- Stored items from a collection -
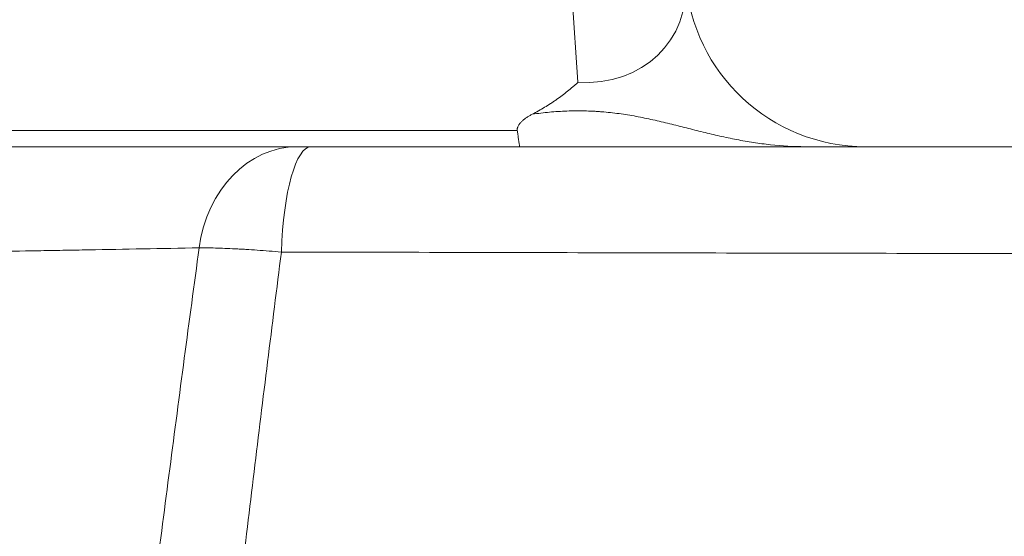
# Model space of a CAD drawing. Header units: millimetres. Extents: x -10 to 594, y 0 to 420.
# Tile 592 of 656: x 442.9 to 446.99, y 139.37 to 141.52. Entities that reach past the tile are written whole.
import ezdxf

# ---------------------------------------------------------------- set-up
doc = ezdxf.new("R2010")
doc.units = ezdxf.units.MM
doc.layers.add('1', color=7, linetype='Continuous', true_color=0xffffff)
doc.styles.add('Calibri', font='txt')
doc.dimstyles.get("Standard").update_dxf_attribs({"dimtxt": 0.18, "dimasz": 0.18, "dimexe": 0.18, "dimexo": 0.0625, "dimgap": 0.09, "dimtad": 0, "dimtih": 1, "dimtoh": 1, "dimdec": 4, "dimzin": 0, "dimdsep": 46, "dimtxsty": 'Standard', "dimcen": 0.09, "dimadec": 0, "dimazin": 0, "dimtfac": 1, "dimtdec": 4, "dimtofl": 0, "dimtmove": 0, "dimatfit": 3, "dimfxl": 0, "dimtolj": 1, "dimtzin": 0, "dimarcsym": 0})

# ---------------------------------------------------------------- blocks, each defined once
blk = doc.blocks.new('_U14')
at = {"layer": '1', "color": 18, "lineweight": 13}
for p, q in [((426.9166, 131.3436), (426.9166, 193.6581)), ((499.0131, 131.3436), (499.0131, 193.6581)), ((426.9166, 191.6581), (456.7384, 191.6581)), ((499.0131, 191.6581), (469.1913, 191.6581))]:
    blk.add_line(p, q, dxfattribs=at)
at = {"layer": '1', "color": 18}
for points in [[(426.9166, 191.6581), (430.4166, 192.5959), (430.4166, 190.7203)], [(499.0131, 191.6581), (495.5131, 190.7203), (495.5131, 192.5959)]]:
    blk.add_solid(points, dxfattribs=at)
at = {"layer": '1', "color": 18, "linetype": 'Continuous', "lineweight": 13, "char_height": 3.5, "attachment_point": 7, "line_spacing_factor": 1.399613, "style": 'Calibri'}
for s, insert in [('\\fCalibri|b0|i0;\\W1.0000;1.44', (458.4239, 188.6745)), ('\\fCalibri|b0|i0;\\W1.0000;DEFLATED TUBE WIDTH', (436.9404, 181.6648))]:
    blk.add_mtext(s, dxfattribs=dict(at, insert=insert))

msp = doc.modelspace()

# ---------------------------------------------------------------- linework, layer by layer
at = {"layer": '1', "color": 155, "linetype": 'Continuous', "lineweight": 13}
for p, q in [((445.2191, 141.2577), (444.9961, 144.4468)), ((441.8037, 141.0567), (444.9665, 141.0567))]:
    msp.add_line(p, q, dxfattribs=at)
at = {"layer": '1', "color": 155, "linetype": 'Continuous', "lineweight": 18}
msp.add_arc((446.416, 141.7398), 0.75, 184, 270, dxfattribs=at)
at = {"layer": '1', "color": 155, "linetype": 'Continuous', "lineweight": 13}
for centre, major_axis, ratio, start_param, end_param in [((445.1629, 141.7398), (-0.4261, 0.3274), 0.833685, 2.251802, 3.777745), ((444.0508, 140.4898), (0, -0.5), 0.827577, 3.141593, 4.553854), ((444.1082, 140.4898), (0, -0.5), 0.249137, 3.141593, 4.588665)]:
    msp.add_ellipse(centre, major_axis=major_axis, ratio=ratio, start_param=start_param, end_param=end_param, dxfattribs=at)
at = {"layer": '1', "color": 155, "linetype": 'Continuous', "lineweight": 18}
for points, knots in [([(445.0287, 141.1249), (445.0463, 141.134), (445.0636, 141.1437), (445.0888, 141.1589), (445.1013, 141.1667), (445.1136, 141.1747), (445.1217, 141.1802), (445.1258, 141.1829), (445.1458, 141.1969), (445.1613, 141.2085), (445.1836, 141.2265), (445.1946, 141.2356), (445.207, 141.2466), (445.2131, 141.2521), (445.2161, 141.2549), (445.2174, 141.2561), (445.2181, 141.2567), (445.2183, 141.2569), (445.2187, 141.2573), (445.2189, 141.2575), (445.2191, 141.2577)], [0, 0, 0, 0, 0.25, 0.25, 0.375, 0.4375, 0.4375, 0.5, 0.5, 0.75, 0.75, 0.875, 0.9375, 0.96875, 0.984375, 0.992188, 0.992188, 0.996094, 0.996094, 1, 1, 1, 1]), ([(444.9665, 141.0567), (444.9662, 141.0585), (444.9661, 141.0603), (444.9664, 141.0639), (444.9666, 141.0657), (444.9673, 141.0684), (444.9675, 141.0693), (444.9681, 141.0711), (444.9685, 141.072), (444.9695, 141.0746), (444.9704, 141.0763), (444.9732, 141.0812), (444.9755, 141.0844), (444.9806, 141.0906), (444.9834, 141.0935), (444.9894, 141.099), (444.9926, 141.1017), (444.9992, 141.1068), (445.0026, 141.1093), (445.008, 141.1128), (445.0098, 141.114), (445.0135, 141.1163), (445.0153, 141.1174), (445.021, 141.1207), (445.0248, 141.1228), (445.0287, 141.1249)], [0, 0, 0, 0, 0.0625, 0.0625, 0.125, 0.125, 0.15625, 0.15625, 0.1875, 0.1875, 0.25, 0.25, 0.375, 0.375, 0.5, 0.5, 0.625, 0.625, 0.75, 0.75, 0.8125, 0.8125, 0.875, 0.875, 1, 1, 1, 1]), ([(444.9762, 140.99), (444.9755, 140.9947), (444.9739, 141.0057), (444.9715, 141.0225), (444.9697, 141.0342), (444.9681, 141.0457), (444.9673, 141.0513), (444.9665, 141.0567)], [0, 0, 0, 0, 0.193873, 0.462582, 0.731291, 0.731291, 1, 1, 1, 1]), ([(442.1129, 140.9898), (442.1129, 140.9898), (442.1129, 140.9898), (442.1128, 140.9898), (442.1128, 140.9898), (442.1128, 140.9898), (442.1128, 140.9898), (442.1128, 140.9898), (442.1128, 140.9898), (442.1131, 140.9898), (442.1135, 140.9898), (442.115, 140.9898), (442.1167, 140.9898), (442.1238, 140.9898), (442.1312, 140.9898), (442.1512, 140.9898), (442.1639, 140.9898), (442.1869, 140.9898), (442.1952, 140.9898), (442.2132, 140.9898), (442.2229, 140.9898), (442.2538, 140.9898), (442.3003, 140.9898), (442.3572, 140.9898), (442.4038, 140.9898), (442.42, 140.9898), (442.4411, 140.9898), (442.4453, 140.9898), (442.4539, 140.9898), (442.4582, 140.9898), (442.4713, 140.9898), (442.4802, 140.9898), (442.5255, 140.9898), (442.603, 140.9898), (442.7342, 140.9898), (442.8317, 140.9898), (442.8957, 140.9898), (442.9152, 140.9898), (442.935, 140.9898), (442.9482, 140.9898), (442.9549, 140.9898), (442.9885, 140.9898), (443.016, 140.9898), (443.1001, 140.9898), (443.1586, 140.9898), (443.2802, 140.9898), (443.3434, 140.9898), (443.4417, 140.9898), (443.475, 140.9898), (443.5259, 140.9898), (443.543, 140.9898), (443.5776, 140.9898), (443.595, 140.9898), (443.6826, 140.9898), (443.7548, 140.9898), (443.9015, 140.9898), (443.976, 140.9898), (444.0508, 140.9898)], [0, 0, 0, 0, 0.001665, 0.001665, 0.003619, 0.003619, 0.007526, 0.007526, 0.015341, 0.015341, 0.03097, 0.03097, 0.062229, 0.062229, 0.124747, 0.124747, 0.187265, 0.187265, 0.218524, 0.218524, 0.249783, 0.249783, 0.312301, 0.374819, 0.374819, 0.406078, 0.406078, 0.413893, 0.413893, 0.421708, 0.421708, 0.437338, 0.437338, 0.499856, 0.562374, 0.624892, 0.624892, 0.640521, 0.648336, 0.648336, 0.656151, 0.656151, 0.68741, 0.68741, 0.749928, 0.749928, 0.812446, 0.812446, 0.843705, 0.843705, 0.859334, 0.859334, 0.874964, 0.874964, 0.937482, 0.937482, 1, 1, 1, 1]), ([(444.0508, 140.9898), (444.0542, 140.9898), (444.0618, 140.9898), (444.0709, 140.9898), (444.0808, 140.9898), (444.086, 140.9898), (444.0968, 140.9898), (444.1024, 140.9898), (444.1082, 140.9898)], [0, 0, 0, 0, 0.25, 0.5, 0.5, 0.75, 0.75, 1, 1, 1, 1]), ([(444.1082, 140.9898), (444.5739, 140.9898), (445.0405, 140.9898), (445.9757, 140.9898), (446.4442, 140.9898), (447.3831, 140.9898), (447.8534, 140.9898), (448.7961, 140.9898), (449.2683, 140.9898), (450.2147, 140.9898), (450.6888, 140.9898), (451.639, 140.9898), (452.115, 140.9898), (453.0688, 140.9898), (453.5467, 140.9898), (454.5044, 140.9898), (454.9841, 140.9898), (455.4649, 140.9898)], [0, 0, 0, 0, 0.125, 0.125, 0.25, 0.25, 0.375, 0.375, 0.5, 0.5, 0.625, 0.625, 0.75, 0.75, 0.875, 0.875, 1, 1, 1, 1])]:
    msp.add_open_spline(points, degree=3, knots=knots, dxfattribs=at)
at = {"layer": '1', "color": 155, "linetype": 'Continuous', "lineweight": 13}
for points, knots in [([(445.0287, 141.1249), (445.0527, 141.1283), (445.0766, 141.1312), (445.1246, 141.1357), (445.1487, 141.1372), (445.1849, 141.1386), (445.1969, 141.1388), (445.2211, 141.139), (445.2453, 141.1389), (445.2695, 141.138), (445.2877, 141.1371), (445.2938, 141.1368), (445.3059, 141.136), (445.312, 141.1356), (445.3424, 141.1332), (445.3664, 141.1306), (445.4141, 141.1241), (445.4377, 141.1203), (445.4847, 141.1116), (445.508, 141.1068), (445.5545, 141.0964), (445.5777, 141.0909), (445.624, 141.0795), (445.6471, 141.0737), (445.6933, 141.062), (445.7165, 141.0562), (445.7628, 141.0449), (445.786, 141.0394), (445.8325, 141.029), (445.8559, 141.0241), (445.9027, 141.015), (445.9261, 141.0109), (445.9732, 141.0036), (445.9969, 141.0005), (446.0681, 140.9927), (446.1159, 140.9898), (446.1642, 140.9898)], [0, 0, 0, 0, 0.0625, 0.0625, 0.125, 0.125, 0.15625, 0.15625, 0.1875, 0.21875, 0.21875, 0.234375, 0.234375, 0.25, 0.25, 0.3125, 0.3125, 0.375, 0.375, 0.4375, 0.4375, 0.5, 0.5, 0.5625, 0.5625, 0.625, 0.625, 0.6875, 0.6875, 0.75, 0.75, 0.8125, 0.8125, 0.875, 0.875, 1, 1, 1, 1]), ([(443.6422, 140.5688), (443.5638, 140.5673), (443.4857, 140.5659), (443.3322, 140.5632), (443.2567, 140.5618), (443.165, 140.5602), (443.1468, 140.5599), (443.1107, 140.5593), (443.0928, 140.559), (443.0396, 140.558), (443.0047, 140.5574), (442.9019, 140.5556), (442.8358, 140.5545), (442.7404, 140.5528), (442.7092, 140.5523), (442.6633, 140.5515), (442.6481, 140.5513), (442.6182, 140.5507), (442.5737, 140.55), (442.5306, 140.5493), (442.4885, 140.5486), (442.4746, 140.5483), (442.4472, 140.5479), (442.4336, 140.5476), (442.3667, 140.5465), (442.3157, 140.5457), (442.2431, 140.5445), (442.2196, 140.5441), (442.1853, 140.5435), (442.174, 140.5433), (442.1517, 140.543), (442.1408, 140.5428), (442.0868, 140.5419), (442.0463, 140.5412), (441.999, 140.5405), (441.9897, 140.5403), (441.9714, 140.54), (441.9624, 140.5399), (441.9361, 140.5394), (441.9192, 140.5392), (441.8705, 140.5384), (441.811, 140.5374), (441.7624, 140.5366), (441.7355, 140.5361), (441.7303, 140.536), (441.7202, 140.5358), (441.7153, 140.5357), (441.7012, 140.5355), (441.6925, 140.5353), (441.6684, 140.5349), (441.6551, 140.5346), (441.6393, 140.5343), (441.6348, 140.5341), (441.629, 140.534), (441.6272, 140.5339), (441.624, 140.5339), (441.6226, 140.5338), (441.6189, 140.5337), (441.6171, 140.5336), (441.6154, 140.5335), (441.6151, 140.5335), (441.6148, 140.5334), (441.6147, 140.5334), (441.6147, 140.5334), (441.6147, 140.5334), (441.6147, 140.5334), (441.6147, 140.5334), (441.6147, 140.5334), (441.6147, 140.5334), (441.6147, 140.5333), (441.6148, 140.5333), (441.6148, 140.5334), (441.6148, 140.5334)], [0, 0, 0, 0, 0.0625, 0.0625, 0.125, 0.125, 0.140625, 0.140625, 0.15625, 0.15625, 0.1875, 0.1875, 0.25, 0.25, 0.28125, 0.28125, 0.296875, 0.296875, 0.3125, 0.34375, 0.34375, 0.359375, 0.359375, 0.375, 0.375, 0.4375, 0.4375, 0.46875, 0.46875, 0.484375, 0.484375, 0.5, 0.5, 0.5625, 0.5625, 0.578125, 0.578125, 0.59375, 0.59375, 0.625, 0.625, 0.6875, 0.75, 0.75, 0.765625, 0.765625, 0.78125, 0.78125, 0.8125, 0.8125, 0.875, 0.875, 0.90625, 0.90625, 0.921875, 0.921875, 0.9375, 0.9375, 0.96875, 0.96875, 0.984375, 0.984375, 0.992188, 0.992188, 0.994141, 0.994141, 0.996094, 0.996094, 0.99707, 0.99707, 0.998047, 1, 1, 1, 1]), ([(443.1794, 136.8904), (443.2152, 137.1972), (443.2517, 137.5039), (443.326, 138.1172), (443.3638, 138.4238), (443.4408, 139.0369), (443.48, 139.3434), (443.56, 139.9562), (443.6007, 140.2625), (443.6422, 140.5688)], [0, 0, 0, 0, 0.25, 0.25, 0.5, 0.5, 0.75, 0.75, 1, 1, 1, 1]), ([(443.9846, 140.5515), (443.946, 140.2466), (443.908, 139.9417), (443.8334, 139.3316), (443.7968, 139.0266), (443.7249, 138.4163), (443.6895, 138.1111), (443.6201, 137.5006), (443.5859, 137.1953), (443.5523, 136.89)], [0, 0, 0, 0, 0.25, 0.25, 0.5, 0.5, 0.75, 0.75, 1, 1, 1, 1]), ([(443.9846, 140.5515), (443.9672, 140.553), (443.9501, 140.5544), (443.9166, 140.557), (443.8838, 140.5594), (443.8523, 140.5615), (443.8292, 140.5629), (443.8216, 140.5633), (443.8102, 140.5639), (443.8065, 140.5641), (443.799, 140.5645), (443.7953, 140.5647), (443.7769, 140.5656), (443.7628, 140.5663), (443.7356, 140.5673), (443.7096, 140.5682), (443.6858, 140.5686), (443.6631, 140.5688), (443.6524, 140.5689), (443.6422, 140.5688)], [0, 0, 0, 0, 0.125, 0.125, 0.25, 0.375, 0.375, 0.4375, 0.4375, 0.46875, 0.46875, 0.5, 0.5, 0.625, 0.625, 0.75, 0.875, 0.875, 1, 1, 1, 1]), ([(455.4544, 140.5376), (455.2124, 140.5376), (454.9706, 140.5376), (454.6683, 140.5377), (454.6078, 140.5377), (454.487, 140.5377), (454.4265, 140.5377), (454.2452, 140.5377), (454.1244, 140.5378), (453.5204, 140.538), (453.0377, 140.5382), (452.0736, 140.5387), (451.5921, 140.5391), (450.9909, 140.5397), (450.8106, 140.5398), (450.6304, 140.54), (450.5102, 140.5401), (450.4502, 140.5402), (450.15, 140.5405), (449.9102, 140.5408), (449.1917, 140.5417), (448.7139, 140.5423), (447.7611, 140.5438), (447.286, 140.5446), (446.3383, 140.5463), (445.8658, 140.5473), (444.9233, 140.5493), (444.4533, 140.5504), (443.9846, 140.5515)], [0, 0, 0, 0, 0.0625, 0.0625, 0.078125, 0.078125, 0.09375, 0.09375, 0.125, 0.125, 0.25, 0.25, 0.375, 0.375, 0.40625, 0.421875, 0.421875, 0.4375, 0.4375, 0.5, 0.5, 0.625, 0.625, 0.75, 0.75, 0.875, 0.875, 1, 1, 1, 1])]:
    msp.add_open_spline(points, degree=3, knots=knots, dxfattribs=at)

# ---------------------------------------------------------------- dimensions: what is measured, and where the dimension line sits
at = {"layer": '1', "color": 18, "linetype": 'Continuous', "lineweight": 13}
dim = msp.add_linear_dim(base=(426.9166, 191.6581), p1=(499.0131, 131.3436), p2=(426.9166, 131.3436), text=' <> \\P\\fCalibri|b0|i0;\\C18;{\\H1.00x;\\fCalibri|b0|i0;DEFLATED TUBE WIDTH\\fCalibri|b0|i0;}\\C18;', dimstyle='Standard', override={"dimtxt": 3.5, "dimasz": 3.5, "dimexe": 2, "dimexo": 0, "dimgap": 1.5, "dimtih": 0, "dimtoh": 0, "dimdec": 2, "dimlfac": 0.02, "dimdsep": 46, "dimlunit": 2, "dimtxsty": 'Calibri', "dimsah": 1, "dimse1": 0, "dimse2": 0, "dimsd1": 0, "dimsd2": 0, "dimclrd": 18, "dimclre": 18, "dimclrt": 18, "dimtol": 0, "dimtm": -0.1, "dimtfac": 1, "dimtdec": 2, "dimtofl": 1, "dimtmove": 0, "dimlwd": 13, "dimlwe": 13}, dxfattribs=at)
dim.commit()
dim.dimension.update_dxf_attribs({"geometry": '_U14', "text_midpoint": (462.9649, 191.6581), "dimtype": 160})

doc.saveas('drawing.dxf')

- WORK INSTRUCTIONS -
Each line from the start of the entries to the line holding "color=7, linetype='Continuous', true_color=0xffffff)" is to be given again exactly, both ends included, and each picture is to be left out.

- EXERCISE OUTPUT -
# Model space of a CAD drawing. Header units: millimetres. Extents: x -10 to 594, y 0 to 420.
# Tile 592 of 656: x 442.9 to 446.99, y 139.37 to 141.52. Entities that reach past the tile are written whole.
import ezdxf

# ---------------------------------------------------------------- set-up
doc = ezdxf.new("R2010")
doc.units = ezdxf.units.MM
doc.layers.add('1', color=7, linetype='Continuous', true_color=0xffffff)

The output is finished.